The task: The answer must be every line of the data that holds the word "import".

*** Entries supplied ***

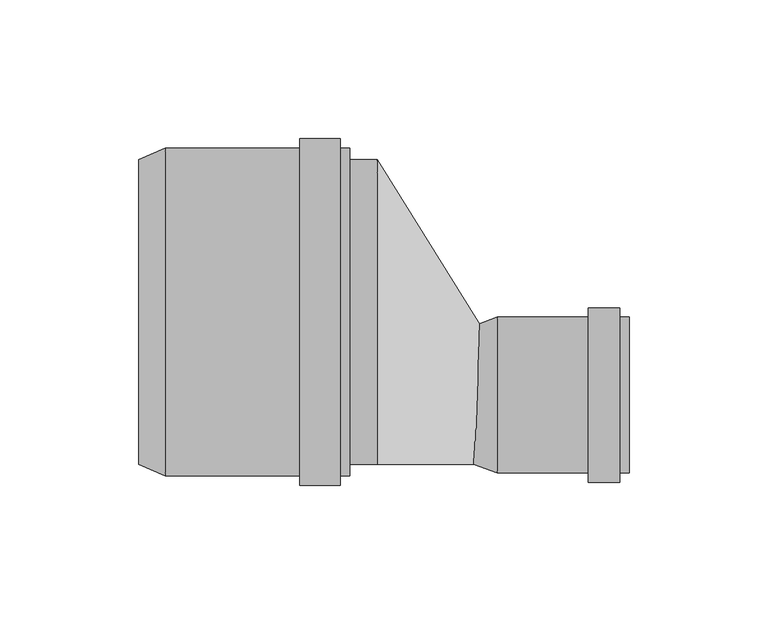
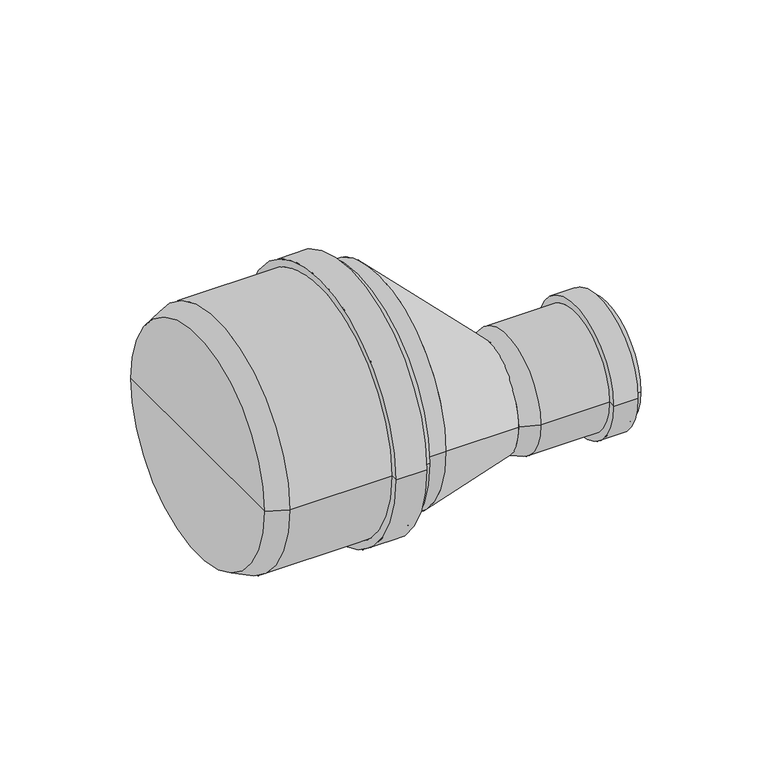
"""IFC4 building model written with IfcOpenShell, lengths in millimetres: pipe fitting geometry, pf_HTR_red-nes-dlouha : pf_HTR_red-nes-dlouha."""

from ifc_helpers import new_model, si_unit, point, frame, origin, origin_2d, place, context, project, spatial, polyline, circle_curve, trimmed, segment, composite_curve, outline, extrude, source, transform, mapped, element, save
from ifc_brep_helpers import plane_surface, cylinder_surface, revolved_surface, spline_surface, advanced_brep


def pipe_fitting_f10fd5be(model_context):
    return source(origin(), model_context, "Body", "SolidModel", [
        advanced_brep(
        [(-86.0, -55.0, 0.0), (-86.0, 55.0, 0.0), (-76.5, 59.1, 0.0), (-76.5, -59.1, 0.0), (-86.0, 0.0, 0.0), (-10.0, -59.1, 0.0), (-10.0, 59.1, 0.0), (-10.0, 0.0, 0.0), (-13.4, -59.1, 0.0), (-13.4, 59.1, 0.0), (-13.4, -62.5, 0.0), (-13.4, 62.5, 0.0), (-27.9, -62.5, 0.0), (-27.9, 62.5, 0.0), (-27.9, -59.1, 0.0), (-27.9, 59.1, 0.0)],
        [
            (0, 1, circle_curve(frame((-86.0, 0.0, 0.0), z_axis=(1.0, 0.0, 0.0), x_axis=(0.0, 1.0, 0.0)), 55.0)),
            (1, 2),
            (2, 3, circle_curve(frame((-76.5, 0.0, 0.0), z_axis=(-1.0, 0.0, 0.0), x_axis=(0.0, 1.0, 0.0)), 59.1)),
            (3, 0),
            (1, 0, circle_curve(frame((-86.0, 0.0, 0.0), z_axis=(1.0, 0.0, 0.0), x_axis=(0.0, 1.0, 0.0)), 55.0)),
            (3, 2, circle_curve(frame((-76.5, 0.0, 0.0), z_axis=(-1.0, 0.0, 0.0), x_axis=(0.0, 1.0, 0.0)), 59.1)),
            (4, 1),
            (0, 4),
            (5, 6, circle_curve(frame((-10.0, 0.0, 0.0), z_axis=(1.0, 0.0, 0.0), x_axis=(0.0, 1.0, 0.0)), 59.1)),
            (6, 7),
            (7, 5),
            (6, 5, circle_curve(frame((-10.0, 0.0, 0.0), z_axis=(1.0, 0.0, 0.0), x_axis=(0.0, 1.0, 0.0)), 59.1)),
            (8, 9, circle_curve(frame((-13.4, 0.0, 0.0), z_axis=(1.0, 0.0, 0.0), x_axis=(0.0, 1.0, 0.0)), 59.1)),
            (9, 6),
            (5, 8),
            (9, 8, circle_curve(frame((-13.4, 0.0, 0.0), z_axis=(1.0, 0.0, 0.0), x_axis=(0.0, 1.0, 0.0)), 59.1)),
            (10, 11, circle_curve(frame((-13.4, 0.0, 0.0), z_axis=(1.0, 0.0, 0.0), x_axis=(0.0, 1.0, 0.0)), 62.5)),
            (11, 9),
            (8, 10),
            (11, 10, circle_curve(frame((-13.4, 0.0, 0.0), z_axis=(1.0, 0.0, 0.0), x_axis=(0.0, 1.0, 0.0)), 62.5)),
            (12, 13, circle_curve(frame((-27.9, 0.0, 0.0), z_axis=(1.0, 0.0, 0.0), x_axis=(0.0, 1.0, 0.0)), 62.5)),
            (13, 11),
            (10, 12),
            (13, 12, circle_curve(frame((-27.9, 0.0, 0.0), z_axis=(1.0, 0.0, 0.0), x_axis=(0.0, 1.0, 0.0)), 62.5)),
            (14, 15, circle_curve(frame((-27.9, 0.0, 0.0), z_axis=(1.0, 0.0, 0.0), x_axis=(0.0, 1.0, 0.0)), 59.1)),
            (15, 13),
            (12, 14),
            (15, 14, circle_curve(frame((-27.9, 0.0, 0.0), z_axis=(1.0, 0.0, 0.0), x_axis=(0.0, 1.0, 0.0)), 59.1)),
            (2, 15),
            (14, 3),
        ],
        [
            revolved_surface(polyline([(-76.5, 59.1, 0.0), (-86.0, 55.0, 0.0)]), (-86.0, 0.0, 0.0), (-1.0, 0.0, 0.0)),
            plane_surface(frame((-86.0, 0.0, 0.0), z_axis=(-1.0, 0.0, 0.0), x_axis=(0.0, 1.0, 0.0))),
            plane_surface(frame((-10.0, 0.0, 0.0), z_axis=(1.0, 0.0, 0.0), x_axis=(0.0, 1.0, 0.0))),
            cylinder_surface(frame((-86.0, 0.0, 0.0), z_axis=(-1.0, 0.0, 0.0), x_axis=(0.0, 1.0, 0.0)), 59.1),
            plane_surface(frame((-13.4, 0.0, 0.0), z_axis=(1.0, 0.0, 0.0), x_axis=(0.0, 1.0, 0.0))),
            cylinder_surface(frame((-86.0, 0.0, 0.0), z_axis=(-1.0, 0.0, 0.0), x_axis=(0.0, 1.0, 0.0)), 62.5),
            plane_surface(frame((-27.9, 0.0, 0.0), z_axis=(-1.0, 0.0, 0.0), x_axis=(0.0, 1.0, 0.0))),
        ],
        [
            (0, [[1, 2, 3, 4]]),
            (0, [[5, -4, 6, -2]]),
            (1, [[7, -1, 8]]),
            (1, [[-8, -5, -7]]),
            (2, [[9, 10, 11]]),
            (2, [[12, -11, -10]]),
            (3, [[13, 14, -9, 15]]),
            (3, [[16, -15, -12, -14]]),
            (4, [[17, 18, -13, 19]]),
            (4, [[20, -19, -16, -18]]),
            (5, [[21, 22, -17, 23]]),
            (5, [[24, -23, -20, -22]]),
            (6, [[25, 26, -21, 27]]),
            (6, [[28, -27, -24, -26]]),
            (3, [[-3, 29, -25, 30]]),
            (3, [[-6, -30, -28, -29]]),
        ],
    ),
        advanced_brep(
        [(34.75, -55.0, 0.0), (34.75, -5.0, 0.0), (43.25, -1.9, 0.0), (43.25, -58.1, 0.0), (34.75, -30.0, 0.0), (90.75, -58.1, 0.0), (90.75, -1.9, 0.0), (90.75, -30.0, 0.0), (87.35, -58.1, 0.0), (87.35, -1.9, 0.0), (87.35, -61.5, 0.0), (87.35, 1.5, 0.0), (75.95, -61.5, 0.0), (75.95, 1.5, 0.0), (75.95, -58.1, 0.0), (75.95, -1.9, 0.0)],
        [
            (0, 1, circle_curve(frame((34.75, -30.0, 0.0), z_axis=(1.0, 0.0, 0.0), x_axis=(0.0, 1.0, 0.0)), 25.0)),
            (1, 2),
            (2, 3, circle_curve(frame((43.25, -30.0, 0.0), z_axis=(-1.0, 0.0, 0.0), x_axis=(0.0, 1.0, 0.0)), 28.1)),
            (3, 0),
            (1, 0, circle_curve(frame((34.75, -30.0, 0.0), z_axis=(1.0, 0.0, 0.0), x_axis=(0.0, 1.0, 0.0)), 25.0)),
            (3, 2, circle_curve(frame((43.25, -30.0, 0.0), z_axis=(-1.0, 0.0, 0.0), x_axis=(0.0, 1.0, 0.0)), 28.1)),
            (4, 1),
            (0, 4),
            (5, 6, circle_curve(frame((90.75, -30.0, 0.0), z_axis=(1.0, 0.0, 0.0), x_axis=(0.0, 1.0, 0.0)), 28.1)),
            (6, 7),
            (7, 5),
            (6, 5, circle_curve(frame((90.75, -30.0, 0.0), z_axis=(1.0, 0.0, 0.0), x_axis=(0.0, 1.0, 0.0)), 28.1)),
            (8, 9, circle_curve(frame((87.35, -30.0, 0.0), z_axis=(1.0, 0.0, 0.0), x_axis=(0.0, 1.0, 0.0)), 28.1)),
            (9, 6),
            (5, 8),
            (9, 8, circle_curve(frame((87.35, -30.0, 0.0), z_axis=(1.0, 0.0, 0.0), x_axis=(0.0, 1.0, 0.0)), 28.1)),
            (10, 11, circle_curve(frame((87.35, -30.0, 0.0), z_axis=(1.0, 0.0, 0.0), x_axis=(0.0, 1.0, 0.0)), 31.5)),
            (11, 9),
            (8, 10),
            (11, 10, circle_curve(frame((87.35, -30.0, 0.0), z_axis=(1.0, 0.0, 0.0), x_axis=(0.0, 1.0, 0.0)), 31.5)),
            (12, 13, circle_curve(frame((75.95, -30.0, 0.0), z_axis=(1.0, 0.0, 0.0), x_axis=(0.0, 1.0, 0.0)), 31.5)),
            (13, 11),
            (10, 12),
            (13, 12, circle_curve(frame((75.95, -30.0, 0.0), z_axis=(1.0, 0.0, 0.0), x_axis=(0.0, 1.0, 0.0)), 31.5)),
            (14, 15, circle_curve(frame((75.95, -30.0, 0.0), z_axis=(1.0, 0.0, 0.0), x_axis=(0.0, 1.0, 0.0)), 28.1)),
            (15, 13),
            (12, 14),
            (15, 14, circle_curve(frame((75.95, -30.0, 0.0), z_axis=(1.0, 0.0, 0.0), x_axis=(0.0, 1.0, 0.0)), 28.1)),
            (2, 15),
            (14, 3),
        ],
        [
            revolved_surface(polyline([(43.25, -1.9, 0.0), (34.75, -5.0, 0.0)]), (34.75, -30.0, 0.0), (-1.0, 0.0, 0.0)),
            plane_surface(frame((34.75, -30.0, 0.0), z_axis=(-1.0, 0.0, 0.0), x_axis=(0.0, 1.0, 0.0))),
            plane_surface(frame((90.75, -30.0, 0.0), z_axis=(1.0, 0.0, 0.0), x_axis=(0.0, 1.0, 0.0))),
            cylinder_surface(frame((34.75, -30.0, 0.0), z_axis=(-1.0, 0.0, 0.0), x_axis=(0.0, 1.0, 0.0)), 28.1),
            plane_surface(frame((87.35, -30.0, 0.0), z_axis=(1.0, 0.0, 0.0), x_axis=(0.0, 1.0, 0.0))),
            cylinder_surface(frame((34.75, -30.0, 0.0), z_axis=(-1.0, 0.0, 0.0), x_axis=(0.0, 1.0, 0.0)), 31.5),
            plane_surface(frame((75.95, -30.0, 0.0), z_axis=(-1.0, 0.0, 0.0), x_axis=(0.0, 1.0, 0.0))),
        ],
        [
            (0, [[1, 2, 3, 4]]),
            (0, [[5, -4, 6, -2]]),
            (1, [[7, -1, 8]]),
            (1, [[-8, -5, -7]]),
            (2, [[9, 10, 11]]),
            (2, [[12, -11, -10]]),
            (3, [[13, 14, -9, 15]]),
            (3, [[16, -15, -12, -14]]),
            (4, [[17, 18, -13, 19]]),
            (4, [[20, -19, -16, -18]]),
            (5, [[21, 22, -17, 23]]),
            (5, [[24, -23, -20, -22]]),
            (6, [[25, 26, -21, 27]]),
            (6, [[28, -27, -24, -26]]),
            (3, [[-3, 29, -25, 30]]),
            (3, [[-6, -30, -28, -29]]),
        ],
    ),
        extrude(outline(composite_curve([segment(trimmed(circle_curve(origin_2d(), 55.0), [point((-55.0, 0.0))], [point((55.0, 0.0))], False, "CARTESIAN"), True, "CONTINUOUS"), segment(trimmed(circle_curve(origin_2d(), 55.0), [point((55.0, 0.0))], [point((-55.0, 0.0))], False, "CARTESIAN"), True, "CONTINUOUS")], self_intersect=False)), frame((-10.0, 0.0, 0.0), z_axis=(1.0, 0.0, 0.0), x_axis=(0.0, 1.0, 0.0)), (0.0, 0.0, 1.0), 10.0),
        advanced_brep(
        [(37.25, -55.0, 0.0), (37.25, -5.0, 0.0), (0.0, -55.0, 0.0), (0.0, 55.0, 0.0)],
        [
            (0, 1, circle_curve(frame((37.25, -30.0, 0.0), z_axis=(1.0, 0.0, 0.0), x_axis=(0.0, 1.0, 0.0)), 25.0)),
            (1, 0, circle_curve(frame((37.25, -30.0, 0.0), z_axis=(1.0, 0.0, 0.0), x_axis=(0.0, 1.0, 0.0)), 25.0)),
            (2, 3, circle_curve(frame((0.0, 0.0, 0.0), z_axis=(-1.0, 0.0, 0.0), x_axis=(0.0, 1.0, 0.0)), 55.0)),
            (3, 2, circle_curve(frame((0.0, 0.0, 0.0), z_axis=(-1.0, 0.0, 0.0), x_axis=(0.0, 1.0, 0.0)), 55.0)),
            (3, 1),
            (0, 2),
        ],
        [
            plane_surface(frame((37.25, -30.0, 0.0), z_axis=(1.0, 0.0, 0.0), x_axis=(0.0, 0.0, -1.0))),
            plane_surface(frame((0.0, 0.0, 0.0), z_axis=(-1.0, 0.0, 0.0), x_axis=(0.0, 0.0, -1.0))),
            spline_surface(2, 1, [[(0.0, -55.0, 0.0), (37.25, -55.0, 0.0)], [(0.0, -55.0, -55.0), (37.25, -55.0, -25.0)], [(0.0, 0.0, -55.0), (37.25, -30.0, -25.0)], [(0.0, 55.0, -55.0), (37.25, -5.0, -25.0)], [(0.0, 55.0, 0.0), (37.25, -5.0, 0.0)]], [3, 2, 3], [2, 2], [0.0, 1.0, 2.0], [0.0, 1.0], weights=[[1.0, 1.0], [0.7071067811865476, 0.7071067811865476], [1.0, 1.0], [0.7071067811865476, 0.7071067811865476], [1.0, 1.0]]),
            spline_surface(2, 1, [[(0.0, 55.0, 0.0), (37.25, -5.0, 0.0)], [(0.0, 55.0, 55.0), (37.25, -5.0, 25.0)], [(0.0, 0.0, 55.0), (37.25, -30.0, 25.0)], [(0.0, -55.0, 55.0), (37.25, -55.0, 25.0)], [(0.0, -55.0, 0.0), (37.25, -55.0, 0.0)]], [3, 2, 3], [2, 2], [0.0, 1.0, 2.0], [0.0, 1.0], weights=[[1.0, 1.0], [0.7071067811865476, 0.7071067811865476], [1.0, 1.0], [0.7071067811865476, 0.7071067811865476], [1.0, 1.0]]),
        ],
        [
            (0, [[1, 2]]),
            (1, [[3, 4]]),
            (2, [[-4, 5, -1, 6]]),
            (3, [[-3, -6, -2, -5]]),
        ],
    ),
    ])


if __name__ == "__main__":
    model = new_model("IFC4")
    model_context = context("Model", 3, world=origin())
    ifc_project = project(units=[si_unit("LENGTHUNIT", "METRE", prefix="MILLI")], contexts=[model_context])
    site = spatial("IfcSite", under=ifc_project)
    building = spatial("IfcBuilding", under=site)
    placement = place(None, origin())
    pipe_fitting_shape = pipe_fitting_f10fd5be(model_context)
    element("IfcPipeFitting", 1, ObjectType="pf_HTR_red-nes-dlouha : pf_HTR_red-nes-dlouha", at=placement, inside=building, context=model_context, shape_type="MappedRepresentation", body=[
        mapped(pipe_fitting_shape, transform((0.0, 0.0, 0.0), x_axis=(1.0, 0.0, 0.0), y_axis=(0.0, 1.0, 0.0), z_axis=(0.0, 0.0, 1.0))),
    ])
    save(model, "model.ifc")

***

Solved exercise:
from ifc_helpers import new_model, si_unit, point, frame, origin, origin_2d, place, context, project, spatial, polyline, circle_curve, trimmed, segment, composite_curve, outline, extrude, source, transform, mapped, element, save
from ifc_brep_helpers import plane_surface, cylinder_surface, revolved_surface, spline_surface, advanced_brep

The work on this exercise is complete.